In my view a coherent Pagan outlook asserts the other-than-human is also the more-than-human.  The natural world is not composed simply of resources or what is irrelevant or a problem. We live within a meaningful world of subjects not a meaningless world of objects. We exist within networks of relationships possessing ethical dimensions. So far as we know this view has characterized Pagan belief and much practice since the rise of hunting and gathering societies.

This does not mean Pagan societies always dealt with nature appropriately any more than Americans live up to the principles of our Declaration of Independence or Christians live up to the teachings of Jesus.   Pagans are as subject to corruption by power and greed as anyone else. But like our Declaration and the best Christian traditions, these principles provide a perpetual critique to the corrupt and a perpetual pressure for decent people to do better. They matter.

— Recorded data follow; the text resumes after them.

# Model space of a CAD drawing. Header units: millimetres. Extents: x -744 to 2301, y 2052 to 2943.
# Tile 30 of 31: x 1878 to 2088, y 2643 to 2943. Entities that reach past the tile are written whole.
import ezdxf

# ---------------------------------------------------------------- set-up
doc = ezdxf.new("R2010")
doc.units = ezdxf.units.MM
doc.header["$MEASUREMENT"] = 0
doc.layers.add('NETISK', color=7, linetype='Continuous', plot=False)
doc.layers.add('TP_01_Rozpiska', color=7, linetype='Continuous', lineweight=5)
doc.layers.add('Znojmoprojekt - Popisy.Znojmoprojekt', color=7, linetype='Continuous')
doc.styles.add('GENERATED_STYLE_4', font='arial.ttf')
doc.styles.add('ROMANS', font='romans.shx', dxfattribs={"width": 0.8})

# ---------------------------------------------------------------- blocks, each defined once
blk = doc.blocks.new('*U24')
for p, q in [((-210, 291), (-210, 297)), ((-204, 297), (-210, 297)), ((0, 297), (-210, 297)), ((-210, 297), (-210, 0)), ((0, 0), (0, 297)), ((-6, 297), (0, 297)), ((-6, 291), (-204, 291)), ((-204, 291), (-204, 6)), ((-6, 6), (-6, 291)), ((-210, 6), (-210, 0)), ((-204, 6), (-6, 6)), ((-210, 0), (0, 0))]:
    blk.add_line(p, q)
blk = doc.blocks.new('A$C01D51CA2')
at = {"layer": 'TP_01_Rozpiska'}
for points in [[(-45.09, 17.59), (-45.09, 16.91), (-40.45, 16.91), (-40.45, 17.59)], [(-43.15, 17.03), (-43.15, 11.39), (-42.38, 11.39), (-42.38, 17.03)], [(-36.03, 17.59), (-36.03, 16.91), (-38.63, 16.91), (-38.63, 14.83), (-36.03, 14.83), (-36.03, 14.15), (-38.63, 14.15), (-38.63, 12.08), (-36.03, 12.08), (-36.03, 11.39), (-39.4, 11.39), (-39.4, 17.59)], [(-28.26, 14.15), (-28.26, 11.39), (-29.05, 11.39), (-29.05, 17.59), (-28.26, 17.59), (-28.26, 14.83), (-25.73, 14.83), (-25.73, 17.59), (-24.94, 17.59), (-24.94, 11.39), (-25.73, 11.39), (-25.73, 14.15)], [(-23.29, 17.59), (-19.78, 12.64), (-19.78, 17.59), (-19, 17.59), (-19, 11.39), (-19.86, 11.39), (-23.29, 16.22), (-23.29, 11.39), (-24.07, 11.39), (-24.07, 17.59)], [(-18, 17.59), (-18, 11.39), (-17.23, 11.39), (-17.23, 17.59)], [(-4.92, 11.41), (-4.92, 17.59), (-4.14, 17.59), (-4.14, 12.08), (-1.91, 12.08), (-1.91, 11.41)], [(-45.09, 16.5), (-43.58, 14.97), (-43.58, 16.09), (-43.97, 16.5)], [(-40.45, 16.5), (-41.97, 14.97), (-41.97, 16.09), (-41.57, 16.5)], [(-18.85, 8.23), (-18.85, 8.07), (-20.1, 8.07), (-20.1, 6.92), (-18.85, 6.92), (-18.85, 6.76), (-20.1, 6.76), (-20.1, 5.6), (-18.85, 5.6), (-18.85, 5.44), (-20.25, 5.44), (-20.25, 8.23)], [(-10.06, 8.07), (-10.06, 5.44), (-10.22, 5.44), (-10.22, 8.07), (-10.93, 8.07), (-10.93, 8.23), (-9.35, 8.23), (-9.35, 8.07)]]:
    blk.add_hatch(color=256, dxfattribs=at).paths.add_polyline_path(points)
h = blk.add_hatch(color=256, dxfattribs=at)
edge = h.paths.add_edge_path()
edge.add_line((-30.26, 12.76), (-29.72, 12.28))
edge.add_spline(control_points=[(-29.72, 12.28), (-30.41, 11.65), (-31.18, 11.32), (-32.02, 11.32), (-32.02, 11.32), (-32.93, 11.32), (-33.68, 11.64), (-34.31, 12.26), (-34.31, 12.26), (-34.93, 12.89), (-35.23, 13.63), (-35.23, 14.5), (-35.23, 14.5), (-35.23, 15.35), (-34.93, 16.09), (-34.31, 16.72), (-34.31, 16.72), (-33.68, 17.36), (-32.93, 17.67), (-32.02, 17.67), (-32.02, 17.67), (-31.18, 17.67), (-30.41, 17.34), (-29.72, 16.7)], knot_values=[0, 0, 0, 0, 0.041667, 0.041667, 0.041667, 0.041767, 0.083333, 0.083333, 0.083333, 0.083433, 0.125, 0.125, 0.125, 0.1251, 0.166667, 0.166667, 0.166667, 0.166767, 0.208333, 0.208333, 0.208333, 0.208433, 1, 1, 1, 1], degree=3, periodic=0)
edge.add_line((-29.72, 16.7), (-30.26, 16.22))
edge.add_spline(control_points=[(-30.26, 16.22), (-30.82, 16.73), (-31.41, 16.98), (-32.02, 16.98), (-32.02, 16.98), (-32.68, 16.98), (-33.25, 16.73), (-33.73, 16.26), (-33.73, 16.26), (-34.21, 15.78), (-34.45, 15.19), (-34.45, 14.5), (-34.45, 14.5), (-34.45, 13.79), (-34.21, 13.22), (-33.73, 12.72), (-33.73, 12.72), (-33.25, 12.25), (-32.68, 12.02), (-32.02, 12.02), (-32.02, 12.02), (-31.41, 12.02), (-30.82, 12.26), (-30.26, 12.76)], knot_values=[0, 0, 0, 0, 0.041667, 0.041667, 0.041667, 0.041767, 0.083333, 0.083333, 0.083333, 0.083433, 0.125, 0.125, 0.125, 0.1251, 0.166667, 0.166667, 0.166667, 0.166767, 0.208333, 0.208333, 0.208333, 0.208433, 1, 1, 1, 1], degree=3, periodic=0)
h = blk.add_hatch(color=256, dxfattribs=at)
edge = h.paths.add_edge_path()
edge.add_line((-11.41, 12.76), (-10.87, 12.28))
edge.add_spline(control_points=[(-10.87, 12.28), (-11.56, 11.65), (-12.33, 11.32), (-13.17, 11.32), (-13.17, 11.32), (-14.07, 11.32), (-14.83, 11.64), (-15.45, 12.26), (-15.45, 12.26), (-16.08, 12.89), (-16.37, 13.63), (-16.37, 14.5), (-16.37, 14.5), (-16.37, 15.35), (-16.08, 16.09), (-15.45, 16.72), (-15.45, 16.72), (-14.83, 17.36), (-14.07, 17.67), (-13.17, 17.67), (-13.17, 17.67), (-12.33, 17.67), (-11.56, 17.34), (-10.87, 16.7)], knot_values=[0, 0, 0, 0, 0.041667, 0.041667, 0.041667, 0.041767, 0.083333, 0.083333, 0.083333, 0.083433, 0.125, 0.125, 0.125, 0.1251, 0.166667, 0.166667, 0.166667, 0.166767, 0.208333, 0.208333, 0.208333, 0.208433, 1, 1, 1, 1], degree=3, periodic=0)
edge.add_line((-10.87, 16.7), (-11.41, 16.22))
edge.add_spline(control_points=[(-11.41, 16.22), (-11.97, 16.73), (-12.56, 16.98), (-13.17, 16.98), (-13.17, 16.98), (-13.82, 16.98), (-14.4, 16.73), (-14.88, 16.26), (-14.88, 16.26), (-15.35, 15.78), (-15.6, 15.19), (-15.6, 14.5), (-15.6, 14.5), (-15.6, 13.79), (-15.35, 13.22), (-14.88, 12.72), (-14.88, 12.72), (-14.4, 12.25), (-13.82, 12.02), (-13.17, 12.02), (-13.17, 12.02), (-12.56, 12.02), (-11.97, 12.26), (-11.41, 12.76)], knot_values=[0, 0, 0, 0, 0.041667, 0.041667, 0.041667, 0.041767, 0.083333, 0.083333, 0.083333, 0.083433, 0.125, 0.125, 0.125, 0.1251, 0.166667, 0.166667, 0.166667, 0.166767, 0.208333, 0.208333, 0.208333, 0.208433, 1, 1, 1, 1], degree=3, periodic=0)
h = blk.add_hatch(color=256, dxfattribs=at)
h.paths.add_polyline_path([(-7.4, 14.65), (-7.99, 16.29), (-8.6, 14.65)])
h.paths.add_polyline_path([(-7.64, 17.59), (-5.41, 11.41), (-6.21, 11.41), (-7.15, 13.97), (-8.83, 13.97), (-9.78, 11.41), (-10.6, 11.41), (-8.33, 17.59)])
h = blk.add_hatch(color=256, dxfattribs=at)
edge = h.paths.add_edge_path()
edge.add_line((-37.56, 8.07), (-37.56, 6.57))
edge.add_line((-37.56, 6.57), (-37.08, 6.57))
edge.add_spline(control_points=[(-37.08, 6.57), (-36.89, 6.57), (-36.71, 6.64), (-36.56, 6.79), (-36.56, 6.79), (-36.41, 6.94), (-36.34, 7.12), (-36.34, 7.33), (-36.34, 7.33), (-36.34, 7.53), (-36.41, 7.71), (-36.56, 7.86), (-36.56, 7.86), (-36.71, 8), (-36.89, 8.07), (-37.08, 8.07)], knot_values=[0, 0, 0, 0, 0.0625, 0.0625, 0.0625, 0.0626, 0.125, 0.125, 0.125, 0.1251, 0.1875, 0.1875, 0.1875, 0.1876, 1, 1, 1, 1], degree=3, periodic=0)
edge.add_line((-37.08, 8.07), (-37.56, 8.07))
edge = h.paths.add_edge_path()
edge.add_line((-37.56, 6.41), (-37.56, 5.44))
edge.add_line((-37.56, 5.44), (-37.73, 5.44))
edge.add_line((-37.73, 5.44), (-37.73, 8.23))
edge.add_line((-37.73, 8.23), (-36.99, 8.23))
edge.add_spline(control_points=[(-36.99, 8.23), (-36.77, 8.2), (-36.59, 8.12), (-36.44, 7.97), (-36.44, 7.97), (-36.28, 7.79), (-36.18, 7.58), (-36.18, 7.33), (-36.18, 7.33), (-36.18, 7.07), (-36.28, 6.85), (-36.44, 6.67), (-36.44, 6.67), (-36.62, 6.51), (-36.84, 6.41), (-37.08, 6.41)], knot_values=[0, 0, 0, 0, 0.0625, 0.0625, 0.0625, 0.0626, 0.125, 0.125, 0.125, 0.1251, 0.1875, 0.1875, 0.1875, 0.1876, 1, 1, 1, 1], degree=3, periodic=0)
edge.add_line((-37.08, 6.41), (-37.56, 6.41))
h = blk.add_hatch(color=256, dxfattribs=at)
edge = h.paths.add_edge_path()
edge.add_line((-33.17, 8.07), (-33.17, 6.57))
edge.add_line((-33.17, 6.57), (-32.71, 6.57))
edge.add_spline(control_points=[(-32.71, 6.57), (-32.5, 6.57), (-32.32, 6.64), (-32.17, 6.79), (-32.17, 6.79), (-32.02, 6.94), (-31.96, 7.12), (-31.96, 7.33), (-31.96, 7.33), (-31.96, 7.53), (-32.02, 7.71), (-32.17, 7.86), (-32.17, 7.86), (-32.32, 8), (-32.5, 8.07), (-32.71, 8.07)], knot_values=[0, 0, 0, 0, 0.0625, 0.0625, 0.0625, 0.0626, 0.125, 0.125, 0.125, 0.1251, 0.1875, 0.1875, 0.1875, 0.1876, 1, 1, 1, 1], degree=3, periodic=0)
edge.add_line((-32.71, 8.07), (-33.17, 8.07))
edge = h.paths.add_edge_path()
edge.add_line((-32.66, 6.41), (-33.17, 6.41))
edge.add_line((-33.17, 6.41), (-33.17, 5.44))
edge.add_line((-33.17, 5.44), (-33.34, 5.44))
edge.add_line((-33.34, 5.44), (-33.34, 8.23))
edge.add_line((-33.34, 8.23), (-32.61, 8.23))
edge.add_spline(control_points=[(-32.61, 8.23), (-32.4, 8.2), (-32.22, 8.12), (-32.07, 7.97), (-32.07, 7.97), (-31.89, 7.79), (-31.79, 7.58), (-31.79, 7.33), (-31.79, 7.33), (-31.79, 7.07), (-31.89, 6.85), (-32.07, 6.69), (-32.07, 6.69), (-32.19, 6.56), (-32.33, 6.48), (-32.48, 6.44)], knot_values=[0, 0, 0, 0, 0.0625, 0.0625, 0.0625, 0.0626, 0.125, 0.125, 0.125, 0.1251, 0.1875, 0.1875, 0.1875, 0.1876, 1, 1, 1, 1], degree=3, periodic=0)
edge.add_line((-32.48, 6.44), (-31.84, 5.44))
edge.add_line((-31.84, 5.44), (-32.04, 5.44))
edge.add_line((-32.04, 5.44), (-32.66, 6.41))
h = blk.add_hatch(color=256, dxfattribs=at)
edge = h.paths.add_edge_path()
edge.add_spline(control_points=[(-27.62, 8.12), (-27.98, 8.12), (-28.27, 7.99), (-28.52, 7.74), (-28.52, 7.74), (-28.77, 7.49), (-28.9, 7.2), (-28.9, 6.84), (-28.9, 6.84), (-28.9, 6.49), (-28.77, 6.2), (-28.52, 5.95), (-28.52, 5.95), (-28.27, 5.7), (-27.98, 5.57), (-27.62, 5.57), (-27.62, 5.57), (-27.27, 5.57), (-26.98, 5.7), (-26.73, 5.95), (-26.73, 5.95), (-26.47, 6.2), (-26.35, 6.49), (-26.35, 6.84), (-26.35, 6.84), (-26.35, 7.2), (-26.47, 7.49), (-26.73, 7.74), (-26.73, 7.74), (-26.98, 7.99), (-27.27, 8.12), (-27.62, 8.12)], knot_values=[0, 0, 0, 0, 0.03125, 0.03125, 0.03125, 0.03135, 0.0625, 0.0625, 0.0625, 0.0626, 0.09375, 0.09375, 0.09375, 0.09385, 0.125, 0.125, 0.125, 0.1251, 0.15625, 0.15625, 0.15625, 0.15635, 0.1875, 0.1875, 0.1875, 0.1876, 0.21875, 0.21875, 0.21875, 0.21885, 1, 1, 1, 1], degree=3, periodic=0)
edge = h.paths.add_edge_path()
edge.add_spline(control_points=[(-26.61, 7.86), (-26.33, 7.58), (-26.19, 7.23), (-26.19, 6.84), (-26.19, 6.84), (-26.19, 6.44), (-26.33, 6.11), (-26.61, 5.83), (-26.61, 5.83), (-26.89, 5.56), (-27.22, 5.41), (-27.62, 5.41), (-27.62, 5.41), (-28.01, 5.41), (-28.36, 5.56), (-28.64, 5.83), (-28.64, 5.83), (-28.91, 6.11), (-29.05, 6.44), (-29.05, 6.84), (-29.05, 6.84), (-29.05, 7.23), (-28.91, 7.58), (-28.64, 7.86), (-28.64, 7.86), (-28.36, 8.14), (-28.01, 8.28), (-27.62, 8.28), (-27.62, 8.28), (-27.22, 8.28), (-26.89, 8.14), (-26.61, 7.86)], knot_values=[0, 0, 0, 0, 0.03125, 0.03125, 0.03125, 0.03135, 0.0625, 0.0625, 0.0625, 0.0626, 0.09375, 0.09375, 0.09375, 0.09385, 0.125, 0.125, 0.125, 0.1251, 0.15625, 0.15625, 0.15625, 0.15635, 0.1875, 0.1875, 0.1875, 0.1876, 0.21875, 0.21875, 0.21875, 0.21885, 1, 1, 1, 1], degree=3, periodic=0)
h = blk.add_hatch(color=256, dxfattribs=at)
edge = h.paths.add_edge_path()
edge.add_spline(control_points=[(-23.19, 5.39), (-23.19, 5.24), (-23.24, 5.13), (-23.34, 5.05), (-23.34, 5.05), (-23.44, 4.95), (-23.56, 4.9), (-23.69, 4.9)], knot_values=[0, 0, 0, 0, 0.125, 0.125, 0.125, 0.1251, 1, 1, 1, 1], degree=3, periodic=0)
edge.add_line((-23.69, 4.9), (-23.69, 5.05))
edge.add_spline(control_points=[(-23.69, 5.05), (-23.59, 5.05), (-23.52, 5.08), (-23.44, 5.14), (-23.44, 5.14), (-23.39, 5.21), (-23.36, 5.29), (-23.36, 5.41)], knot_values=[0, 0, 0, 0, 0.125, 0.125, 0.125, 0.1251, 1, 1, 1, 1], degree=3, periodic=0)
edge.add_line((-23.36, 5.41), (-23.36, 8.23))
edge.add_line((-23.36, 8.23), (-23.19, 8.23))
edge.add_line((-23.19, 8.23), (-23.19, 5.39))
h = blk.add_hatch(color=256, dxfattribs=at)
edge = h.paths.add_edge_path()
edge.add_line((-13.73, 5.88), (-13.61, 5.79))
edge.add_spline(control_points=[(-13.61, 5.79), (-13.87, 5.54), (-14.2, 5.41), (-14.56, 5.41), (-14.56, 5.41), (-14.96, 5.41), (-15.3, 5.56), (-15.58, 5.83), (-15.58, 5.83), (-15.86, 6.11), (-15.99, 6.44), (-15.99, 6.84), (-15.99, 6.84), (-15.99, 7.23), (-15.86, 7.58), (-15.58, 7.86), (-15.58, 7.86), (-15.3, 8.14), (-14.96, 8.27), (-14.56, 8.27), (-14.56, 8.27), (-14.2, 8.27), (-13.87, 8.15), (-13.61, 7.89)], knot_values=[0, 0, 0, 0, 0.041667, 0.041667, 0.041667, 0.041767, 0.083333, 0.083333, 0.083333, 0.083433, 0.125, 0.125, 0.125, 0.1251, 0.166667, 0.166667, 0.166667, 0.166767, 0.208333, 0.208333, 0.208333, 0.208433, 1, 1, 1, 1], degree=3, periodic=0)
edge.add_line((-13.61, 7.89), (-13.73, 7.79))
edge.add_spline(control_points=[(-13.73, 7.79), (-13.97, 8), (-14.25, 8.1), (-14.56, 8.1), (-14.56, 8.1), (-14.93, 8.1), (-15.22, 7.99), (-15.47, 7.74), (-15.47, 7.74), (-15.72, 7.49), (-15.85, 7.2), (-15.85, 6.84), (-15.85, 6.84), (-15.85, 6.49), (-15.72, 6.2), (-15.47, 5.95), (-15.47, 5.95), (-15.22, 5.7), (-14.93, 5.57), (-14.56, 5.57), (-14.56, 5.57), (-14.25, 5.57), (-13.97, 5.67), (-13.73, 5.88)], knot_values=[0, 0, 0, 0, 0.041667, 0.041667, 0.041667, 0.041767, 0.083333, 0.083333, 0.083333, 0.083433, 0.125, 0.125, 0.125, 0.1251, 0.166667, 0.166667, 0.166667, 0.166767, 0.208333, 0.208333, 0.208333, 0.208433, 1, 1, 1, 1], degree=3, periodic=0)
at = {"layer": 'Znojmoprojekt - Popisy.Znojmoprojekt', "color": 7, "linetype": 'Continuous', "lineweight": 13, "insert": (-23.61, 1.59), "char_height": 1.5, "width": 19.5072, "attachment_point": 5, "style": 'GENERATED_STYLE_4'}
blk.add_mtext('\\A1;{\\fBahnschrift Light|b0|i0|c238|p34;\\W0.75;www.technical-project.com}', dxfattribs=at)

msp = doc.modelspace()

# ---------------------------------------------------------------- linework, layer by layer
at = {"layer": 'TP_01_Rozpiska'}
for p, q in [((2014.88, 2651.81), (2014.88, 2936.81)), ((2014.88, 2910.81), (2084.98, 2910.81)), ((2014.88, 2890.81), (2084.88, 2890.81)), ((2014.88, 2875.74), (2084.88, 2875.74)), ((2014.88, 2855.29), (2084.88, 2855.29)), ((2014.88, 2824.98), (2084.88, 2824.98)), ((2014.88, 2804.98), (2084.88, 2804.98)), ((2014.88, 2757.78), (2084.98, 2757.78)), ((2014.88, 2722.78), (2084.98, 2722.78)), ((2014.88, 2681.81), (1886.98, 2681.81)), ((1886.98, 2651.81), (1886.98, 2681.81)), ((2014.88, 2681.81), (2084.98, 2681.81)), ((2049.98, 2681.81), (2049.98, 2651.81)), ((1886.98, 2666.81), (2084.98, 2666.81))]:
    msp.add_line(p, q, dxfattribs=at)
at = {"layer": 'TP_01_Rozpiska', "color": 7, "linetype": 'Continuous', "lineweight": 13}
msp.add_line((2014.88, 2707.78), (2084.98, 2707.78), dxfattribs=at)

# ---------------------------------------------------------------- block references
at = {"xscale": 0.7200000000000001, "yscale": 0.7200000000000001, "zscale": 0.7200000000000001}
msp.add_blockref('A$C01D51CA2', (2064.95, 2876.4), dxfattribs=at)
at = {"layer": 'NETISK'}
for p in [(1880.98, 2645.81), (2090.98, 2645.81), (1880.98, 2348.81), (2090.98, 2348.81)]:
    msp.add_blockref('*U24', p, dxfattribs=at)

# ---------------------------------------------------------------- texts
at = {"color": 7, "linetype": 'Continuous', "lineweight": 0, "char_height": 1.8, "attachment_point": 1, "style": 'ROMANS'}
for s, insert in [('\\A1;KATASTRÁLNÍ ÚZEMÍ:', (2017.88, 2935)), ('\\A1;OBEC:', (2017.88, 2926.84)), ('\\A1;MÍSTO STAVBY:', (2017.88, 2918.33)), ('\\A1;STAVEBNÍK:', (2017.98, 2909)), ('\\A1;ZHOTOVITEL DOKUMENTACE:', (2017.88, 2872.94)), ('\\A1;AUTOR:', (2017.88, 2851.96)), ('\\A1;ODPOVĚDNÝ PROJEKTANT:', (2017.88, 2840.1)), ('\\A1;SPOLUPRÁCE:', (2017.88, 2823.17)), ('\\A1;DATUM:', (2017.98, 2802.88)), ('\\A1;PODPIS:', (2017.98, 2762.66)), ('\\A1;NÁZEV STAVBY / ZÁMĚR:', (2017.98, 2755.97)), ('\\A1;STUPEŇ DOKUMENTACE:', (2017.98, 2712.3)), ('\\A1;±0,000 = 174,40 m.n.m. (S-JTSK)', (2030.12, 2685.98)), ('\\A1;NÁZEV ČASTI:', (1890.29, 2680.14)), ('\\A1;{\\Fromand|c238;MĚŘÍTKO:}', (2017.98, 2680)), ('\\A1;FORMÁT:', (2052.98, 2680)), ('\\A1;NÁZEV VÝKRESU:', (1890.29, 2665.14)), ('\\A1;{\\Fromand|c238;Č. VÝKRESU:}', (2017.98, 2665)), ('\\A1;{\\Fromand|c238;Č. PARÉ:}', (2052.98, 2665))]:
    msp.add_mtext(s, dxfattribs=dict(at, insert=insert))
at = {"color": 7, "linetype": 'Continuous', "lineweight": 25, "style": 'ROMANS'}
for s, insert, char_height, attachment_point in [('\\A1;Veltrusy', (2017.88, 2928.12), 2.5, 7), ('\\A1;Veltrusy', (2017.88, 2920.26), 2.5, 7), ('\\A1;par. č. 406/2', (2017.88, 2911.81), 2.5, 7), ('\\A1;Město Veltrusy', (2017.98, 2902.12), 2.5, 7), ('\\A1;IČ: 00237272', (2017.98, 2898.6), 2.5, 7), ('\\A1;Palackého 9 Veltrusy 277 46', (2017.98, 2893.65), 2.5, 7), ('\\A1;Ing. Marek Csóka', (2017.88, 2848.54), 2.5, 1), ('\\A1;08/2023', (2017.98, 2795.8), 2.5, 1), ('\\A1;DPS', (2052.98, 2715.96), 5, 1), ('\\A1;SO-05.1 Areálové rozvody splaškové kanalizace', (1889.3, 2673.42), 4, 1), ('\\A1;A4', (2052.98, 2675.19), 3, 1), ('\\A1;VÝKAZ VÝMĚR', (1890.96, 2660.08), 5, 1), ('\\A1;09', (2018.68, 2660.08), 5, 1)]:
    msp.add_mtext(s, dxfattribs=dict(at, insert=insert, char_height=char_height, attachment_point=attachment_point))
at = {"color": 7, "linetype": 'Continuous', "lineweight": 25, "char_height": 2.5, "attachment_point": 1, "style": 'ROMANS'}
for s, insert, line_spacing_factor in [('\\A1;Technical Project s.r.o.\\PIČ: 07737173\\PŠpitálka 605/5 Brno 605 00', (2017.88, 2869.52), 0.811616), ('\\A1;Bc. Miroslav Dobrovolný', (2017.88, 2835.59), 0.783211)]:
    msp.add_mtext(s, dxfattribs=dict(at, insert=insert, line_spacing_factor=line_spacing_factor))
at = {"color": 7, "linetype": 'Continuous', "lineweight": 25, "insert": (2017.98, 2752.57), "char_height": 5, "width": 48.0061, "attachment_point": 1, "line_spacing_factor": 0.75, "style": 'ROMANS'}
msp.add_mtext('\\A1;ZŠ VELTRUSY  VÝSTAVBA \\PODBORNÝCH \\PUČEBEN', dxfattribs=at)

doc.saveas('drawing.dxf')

Today’s economic institutions are incapable of preserving the relationships that make sustainable human life as rich and meaningful as it can be. Indeed they threaten life as we know it.  Traditional monotheistic religious teachings and secular reason are proving too weak to reverse this trend.

Pagan insights alone will not solve this problem, but they can help us better understand it and the need for major changes. Pagan sensibilities if not beliefs about Nature are what this society needs to flourish into the next century.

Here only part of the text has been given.